[EXERCISE DESCRIPTION] Could you repeat, exactly and with no pictures, only the lines from the start of the records through the line containing "constraints: 15 point"?

[PROVIDED MATERIAL]

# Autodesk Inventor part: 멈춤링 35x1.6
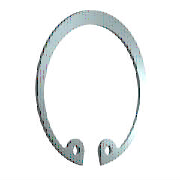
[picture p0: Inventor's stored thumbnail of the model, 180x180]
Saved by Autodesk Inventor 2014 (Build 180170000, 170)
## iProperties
IsCustomPart: 1
Created: 2015-09
Part Number: 멈춤링 35x1.6
Material: 강철, 연강
Description: 리테이닝 링(C형)
Document SubType Name: Modeling
Standard: KS B 1336
Designer: mduedu
Standards Organization: KS
Language: ko-KR
Size Designation: 35x1.6
Categories: <MemberInstance><Categories><Category DisplayName="샤프트 부품" InternalName="7f7aeb1f-a693-4053-b835-cee3144e0d98" Mnemonic="SHFT"><Category DisplayName="써클립" Inter
Density: 7.86 g/cm^3
Mass: 3.5371 g
Surface Area: 9.09651 cm^2
Volume: 0.450013 cm^3
Appearance: 파란색 - 벽 페인트 - 광택
Author: mduedu
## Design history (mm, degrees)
sketch "스케치1"
  geometry: L1 (0, 15.113)-(0, -73.177) reference; L2 (-45.5, 0)-(45.5, 0) reference; L3 (-4.964, 1)-(1.502, 1); L4 (0, -2.5)-(-5.307, -2.5); L5 (0, -17.5)-(-8.583, -33.888); L6 (-8.583, -33.888)-(-21.772, -26.981); L7 (-7.377, -31.585)-(-17.631, -26.214); L8 (-5.162, -32.745)-(-6.29, -34.898); L9 (5.162, -32.745)-(6.29, -34.898); C1 r 1.25 at (-7.377, -31.585); C2 r 1.25 at (7.377, -31.585); A1 r 15.875 centre (0, -18.375) between (11.82, -28.972) and (-11.82, -28.972); A2 r 18.5 centre (0, -17.5) between (6.29, -34.898) and (-6.29, -34.898); A3 r 2.5 centre (-7.377, -31.585) between (-5.162, -32.745) and (-8.668, -29.444); A4 r 2.5 centre (-9.959, -27.303) between (-11.82, -28.972) and (-8.668, -29.444); A5 r 2.5 centre (9.959, -27.303) between (8.668, -29.444) and (11.82, -28.972); A6 r 2.5 centre (7.377, -31.585) between (8.668, -29.444) and (5.162, -32.745); 3 further points
  constraints: 15 point on circle, 14 end point, 9 symmetric about line, 8 centre point, 6 tangent, 4 coincident, 4 point on line, 3 perpendicular, 1 parallel, 4 other
  dimensions: "d8" = 0.875 distance of A1.centre L5.start (= 0.25 x SRB1); "d38" = 3.5 distance between parallel lines of L4 L3 (= SRB1); "d39" = 17.5 distance from line of L5.start L2 (= 0.5 x WD); "d43" = 18.5 radius of A2 (= 0.5 x ND); "d45" = 2.6 distance between parallel lines of L7 L6 (= 0.5 x SRB2); "d46" = 2.5 radius of A4 (= SD5); "d47" = 6.29 distance from line of L1 L8.end (= 0.17 x ND); "d48" = 2.5 diameter of C1 (= SD5); "d49" = 2.5 radius of A3 (= SD5)
extrude "본체" new body sketch "스케치1" distance "d2" = 1.6 (= SD); taper "d3" = 0 deg
workaxis "Work Axis1"
workaxis "Work Axis2"
workplane "Work Plane1"
body "Solid1"
other parameters: "WD" = 35 [user parameter; used in 3 equation terms], "SD" = 1.6 [user parameter; used in 1 equation term], "SRB1" = 3.5 [user parameter; used in 2 equation terms], "ND" = 37 [user parameter; used in 2 equation terms], "SRB2" = 5.2 [user parameter; used in 1 equation term], "SD5" = 2.5 [user parameter; used in 3 equation terms], "d50" = 0, "d51" = 0, "d52" = 0, "d53" = 0, "WDMIN" = 34 [user parameter], "SD6" = 37.8 [user parameter], "WDMAX" = 35 (= WD) [user parameter], "NND" = 35 (= WD) [user parameter]
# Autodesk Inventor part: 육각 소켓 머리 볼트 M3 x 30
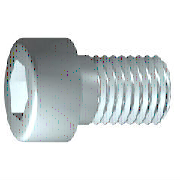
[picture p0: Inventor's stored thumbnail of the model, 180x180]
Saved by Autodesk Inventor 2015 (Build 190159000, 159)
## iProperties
IsCustomPart: 1
Created: 2012-02
Part Number: 육각 소켓 머리 볼트 M3 x 30
Material: 강철, 연강
Description: 6각 소켓 머리 캡 나사
Document SubType Name: Modeling
Standard: ISO 4762
Designer: mdu-01
Standard Revision: Fourth edition 2004-03-01
Standards Organization: ISO
Language: ko-KR
Size Designation: M3 x 30
Categories: <MemberInstance><Categories><Category DisplayName="조임쇠" InternalName="e4da775c-781d-43d5-af7c-5136215cf5a6" Mnemonic="FSTN"><Category DisplayName="볼트" InternalN
Density: 7.75 g/cm^3
Appearance: 강철
Author: mdu-01
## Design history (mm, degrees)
sketch "스케치1"
  geometry: L1 (-0.867, 0)-(30, 0); L2 (30, 0)-(30, 1.5); L3 (30, 1.5)-(12, 1.5); L4 (12, 1.5)-(11.693, 1.5); L5 (11.693, 1.5)-(0, 1.5); L6 (0, 1.5)-(0, 2.75); L7 (0, 2.75)-(-3, 2.75); L8 (-3, 2.75)-(-3, 1.443); L9 (-3, 1.443)-(-1.7, 1.443); L10 (-1.7, 1.443)-(-0.867, 0); L11 (-9.6, 0)-(36.6, 0) reference; L12 (0, -0.55)-(0, 3.3) reference; L13 (12, 1.5)-(0, 1.5)
  constraints: 22 end point, 6 parallel, 2 collinear, 2 perpendicular, 1 horizontal, 1 point on line
  dimensions: "d1" = 18 distance from line of L3.end L2 (= GEL); "d2" = 0.30683 distance of L4.end L3.end (computed from GAL); "d3" = 3 distance between parallel lines of L8 L6 (= KOH); "d4" = 1.3 distance of L8.end L9.end (= INTI); "d5" = 60 deg angle of L10 L1; "d6" = 3 diameter of L3 L1 (= GD); "d7" = 3 diameter of L5 L1 (= BDM); "d8" = 2.88675 diameter of L9 L1 (= 1.1547 x SW); "d9" = 5.5 diameter of L7 L1 (= KOD); "d26" = 30 distance between parallel lines of L12 L2 (= NLG)
revolve "본체" sketch "스케치1" stored, may be unused: angle "d10" = 90 deg
sketch "스케치2"
  geometry: L1 (0, -3.85)-(0, 3.85) reference; L2 (-3.85, 0)-(3.85, 0) reference; L3 (1.443, 0)-(0.722, -1.25); L4 (0.722, -1.25)-(-0.722, -1.25); L5 (-0.722, -1.25)-(-1.443, 0); L6 (-1.443, 0)-(-0.722, 1.25); L7 (-0.722, 1.25)-(0.722, 1.25); L8 (0.722, 1.25)-(1.443, 0); 2 further points
  constraints: 12 end point, 1 coincident, 1 horizontal alignment, 1 point on line, 12 other
extrude "슬롯" join sketch "스케치2" stored distance "d11" = 10; taper "d12" = 0 deg
workplane "Work Plane1"
fillet "Fillet2" dims "d30" = 0.1 (= R)
body "Solid1"
fillet "모깎기1" dims "d17" = 0.3 (= RR)
feature "스레드" dims "d13" = 18 (= GEL), "d14" = 0
chamfer "모따기1" distance "d15" = 0.30673 (= -0.5 x SPD + 0.5 x GD); stored, may be unused: second distance "d16" = 0.30673 (= GUL), angle "d27" = 45 deg
other parameters: "GD" = 3 [user parameter; used in 2 equation terms], "NLG" = 30 [user parameter; used in 1 equation term], "GEL" = 18 [user parameter; used in 2 equation terms], "KOD" = 5.5 [user parameter; used in 1 equation term], "KOH" = 3 [user parameter; used in 1 equation term], "INTI" = 1.3 [user parameter; used in 1 equation term], "GAL" = 0.30673 (= 0.61345 x PTC) [user parameter; used in 1 equation term], "GUL" = 0.30673 (= 0.61345 x PTC) [user parameter; used in 1 equation term], "BDM" = 3 (= NND) [user parameter; used in 1 equation term], "SW" = 2.5 [user parameter; used in 2 equation terms], "RR" = 0.3 [user parameter; used in 1 equation term], "SPD" = 2.38655 (= NND - 1.2269 x PTC) [user parameter; used in 1 equation term], "d19" = 0, "d28" = 0, "d29" = 0, "R" = 0.1 [user parameter; used in 1 equation term], "TOA" = 30 deg [user parameter], "GD1" = 2.38655 (= THREADDIA - 1.2269 x PTC) [user parameter], "THREADDIA" = 3 [user parameter; used in 1 equation term], "FAWI" = 45 deg [user parameter], "PTC" = 0.5 [user parameter; used in 5 equation terms], "NND" = 3 [user parameter; used in 2 equation terms], "E0" = 2.8875 (= 1.155 x SW) [user parameter]

[RESULT]
# Autodesk Inventor part: 멈춤링 35x1.6
[picture p0: Inventor's stored thumbnail of the model, 180x180]
Saved by Autodesk Inventor 2014 (Build 180170000, 170)
## iProperties
IsCustomPart: 1
Created: 2015-09
Part Number: 멈춤링 35x1.6
Material: 강철, 연강
Description: 리테이닝 링(C형)
Document SubType Name: Modeling
Standard: KS B 1336
Designer: mduedu
Standards Organization: KS
Language: ko-KR
Size Designation: 35x1.6
Categories: <MemberInstance><Categories><Category DisplayName="샤프트 부품" InternalName="7f7aeb1f-a693-4053-b835-cee3144e0d98" Mnemonic="SHFT"><Category DisplayName="써클립" Inter
Density: 7.86 g/cm^3
Mass: 3.5371 g
Surface Area: 9.09651 cm^2
Volume: 0.450013 cm^3
Appearance: 파란색 - 벽 페인트 - 광택
Author: mduedu
## Design history (mm, degrees)
sketch "스케치1"
  geometry: L1 (0, 15.113)-(0, -73.177) reference; L2 (-45.5, 0)-(45.5, 0) reference; L3 (-4.964, 1)-(1.502, 1); L4 (0, -2.5)-(-5.307, -2.5); L5 (0, -17.5)-(-8.583, -33.888); L6 (-8.583, -33.888)-(-21.772, -26.981); L7 (-7.377, -31.585)-(-17.631, -26.214); L8 (-5.162, -32.745)-(-6.29, -34.898); L9 (5.162, -32.745)-(6.29, -34.898); C1 r 1.25 at (-7.377, -31.585); C2 r 1.25 at (7.377, -31.585); A1 r 15.875 centre (0, -18.375) between (11.82, -28.972) and (-11.82, -28.972); A2 r 18.5 centre (0, -17.5) between (6.29, -34.898) and (-6.29, -34.898); A3 r 2.5 centre (-7.377, -31.585) between (-5.162, -32.745) and (-8.668, -29.444); A4 r 2.5 centre (-9.959, -27.303) between (-11.82, -28.972) and (-8.668, -29.444); A5 r 2.5 centre (9.959, -27.303) between (8.668, -29.444) and (11.82, -28.972); A6 r 2.5 centre (7.377, -31.585) between (8.668, -29.444) and (5.162, -32.745); 3 further points
  constraints: 15 point on circle, 14 end point, 9 symmetric about line, 8 centre point, 6 tangent, 4 coincident, 4 point on line, 3 perpendicular, 1 parallel, 4 other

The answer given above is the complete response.